It was used right behind were it's sitting and for years down in West Seneca .


----------



## Milwaukee (Dec 28, 2007)

Wow it sure big one I have see. I wish I could buy this then use for snowstorm in North Michigan.

Why don't you try buy that then use for big snowstorm.

I bet this could pull stump like this one.


----------



## JD Dave (Mar 20, 2007)

That things a beast. If I buy it it, will you drive it across the border for me, please Grandview.


----------



## grandview (Oct 9, 2005)

JD Dave;525434 said:


> That things a beast. If I buy it it, will you drive it across the border for me, please Grandview.


OK Then we don't have to worry about tolls going over the Peace Bridge to the Ballet!payup


----------



## JD Dave (Mar 20, 2007)

grandview;525458 said:


> OK Then we don't have to worry about tolls going over the Peace Bridge to the Ballet!payup


Fine, I'll buy at the ballet!!!


----------



## sk187 (Dec 7, 2006)

Wow, big - any idea on the price and push box size?


----------



## grandview (Oct 9, 2005)

The box size I think is 24ft.Not sure on price.


----------



## apik1 (Mar 25, 2007)

I stopped and checked that thing out last week


----------



## jkiser96 (Sep 19, 2006)

A guy I used to work for had an old Hough loader that had a 32' blade. They used it at shopping centers in Carmel. We always had to take the cab off & truck it & the blade to the mal & then drive the loader. It was an absolute horse moving snow.


----------



## KCB (Jan 22, 2006)

Looks like a real life TONKA toy, and about ten tonnes o' fun:salute:


----------



## scholzee (Nov 9, 2001)

There is a similar looking one at the NAPA main warehouse on Wherle


----------



## Danhoe (Oct 15, 2007)

That is a Michigan wheel dozer made in the late 1950's or early 60's I grew up on a 1959 Michigan 75A, it came with a Detroit diesel, that machine did not come with a heater, they make you go deaf. My dad took the cab of his so you could see better, I plowed alot of snow with his and it was COLD. Dan


----------



## NJ Plowman (Dec 10, 2003)

Danhoe;527100 said:


> they make you go deaf


What was that? I didn't hear you!


----------



## Idealtim (Jan 15, 2006)

The pic from the front looks funny, the cab is too small!


----------



## ABES (Jun 10, 2007)

well grandview did you put a down payment on this thing yet???


----------



## grandview (Oct 9, 2005)

ABES;528118 said:


> well grandview did you put a down payment on this thing yet???

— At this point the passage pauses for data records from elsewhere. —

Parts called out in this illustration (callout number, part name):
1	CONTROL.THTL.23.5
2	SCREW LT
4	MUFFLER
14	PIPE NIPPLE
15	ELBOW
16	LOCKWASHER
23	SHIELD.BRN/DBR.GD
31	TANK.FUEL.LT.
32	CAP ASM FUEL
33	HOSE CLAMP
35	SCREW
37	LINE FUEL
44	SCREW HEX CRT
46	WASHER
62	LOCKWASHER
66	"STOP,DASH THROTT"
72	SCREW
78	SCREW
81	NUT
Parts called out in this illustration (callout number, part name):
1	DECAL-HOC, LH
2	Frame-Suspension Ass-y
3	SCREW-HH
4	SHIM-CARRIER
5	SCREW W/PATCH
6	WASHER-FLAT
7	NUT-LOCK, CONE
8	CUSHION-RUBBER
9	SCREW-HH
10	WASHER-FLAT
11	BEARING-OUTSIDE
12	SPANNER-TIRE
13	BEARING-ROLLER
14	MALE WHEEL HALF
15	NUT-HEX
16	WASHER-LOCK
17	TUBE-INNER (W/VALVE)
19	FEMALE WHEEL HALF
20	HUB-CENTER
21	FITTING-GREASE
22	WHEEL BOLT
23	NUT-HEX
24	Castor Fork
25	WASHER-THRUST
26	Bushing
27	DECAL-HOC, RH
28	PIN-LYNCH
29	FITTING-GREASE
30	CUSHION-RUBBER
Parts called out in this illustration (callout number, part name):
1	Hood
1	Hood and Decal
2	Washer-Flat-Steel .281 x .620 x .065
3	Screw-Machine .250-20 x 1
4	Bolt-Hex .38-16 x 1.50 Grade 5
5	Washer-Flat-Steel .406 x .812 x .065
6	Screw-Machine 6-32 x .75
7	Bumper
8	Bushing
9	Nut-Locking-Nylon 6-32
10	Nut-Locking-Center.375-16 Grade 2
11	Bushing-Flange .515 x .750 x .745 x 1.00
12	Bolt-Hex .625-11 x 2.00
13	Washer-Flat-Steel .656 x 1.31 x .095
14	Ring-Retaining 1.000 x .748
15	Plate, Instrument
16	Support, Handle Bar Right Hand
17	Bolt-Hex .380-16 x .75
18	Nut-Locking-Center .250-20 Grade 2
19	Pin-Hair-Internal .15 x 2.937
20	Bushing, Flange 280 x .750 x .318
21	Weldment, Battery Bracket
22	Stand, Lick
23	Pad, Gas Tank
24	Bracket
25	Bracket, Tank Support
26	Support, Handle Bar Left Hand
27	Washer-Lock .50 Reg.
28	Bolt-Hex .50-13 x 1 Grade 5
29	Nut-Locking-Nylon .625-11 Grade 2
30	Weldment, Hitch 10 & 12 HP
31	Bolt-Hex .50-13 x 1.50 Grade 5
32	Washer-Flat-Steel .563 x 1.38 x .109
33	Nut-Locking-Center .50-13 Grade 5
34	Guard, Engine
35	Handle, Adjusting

No.There was no cup holder in it!


----------



## CAT 245ME (Sep 10, 2006)

Superior L & L;525142 said:


> I wounder how its turns over when its zero degrees out!


Keep her plugged in, heat the glow plugs for 2 to 3 minutes and she should fire right up, if not.......ETHER.


----------



## ABES (Jun 10, 2007)

grandview;528126 said:


> No.There was no cup holder in it!


excuses excuses...If you cant drink your coffee talk on the cell phone read a map and snowplow at the same time you shouldnt be plowing snow lol.


----------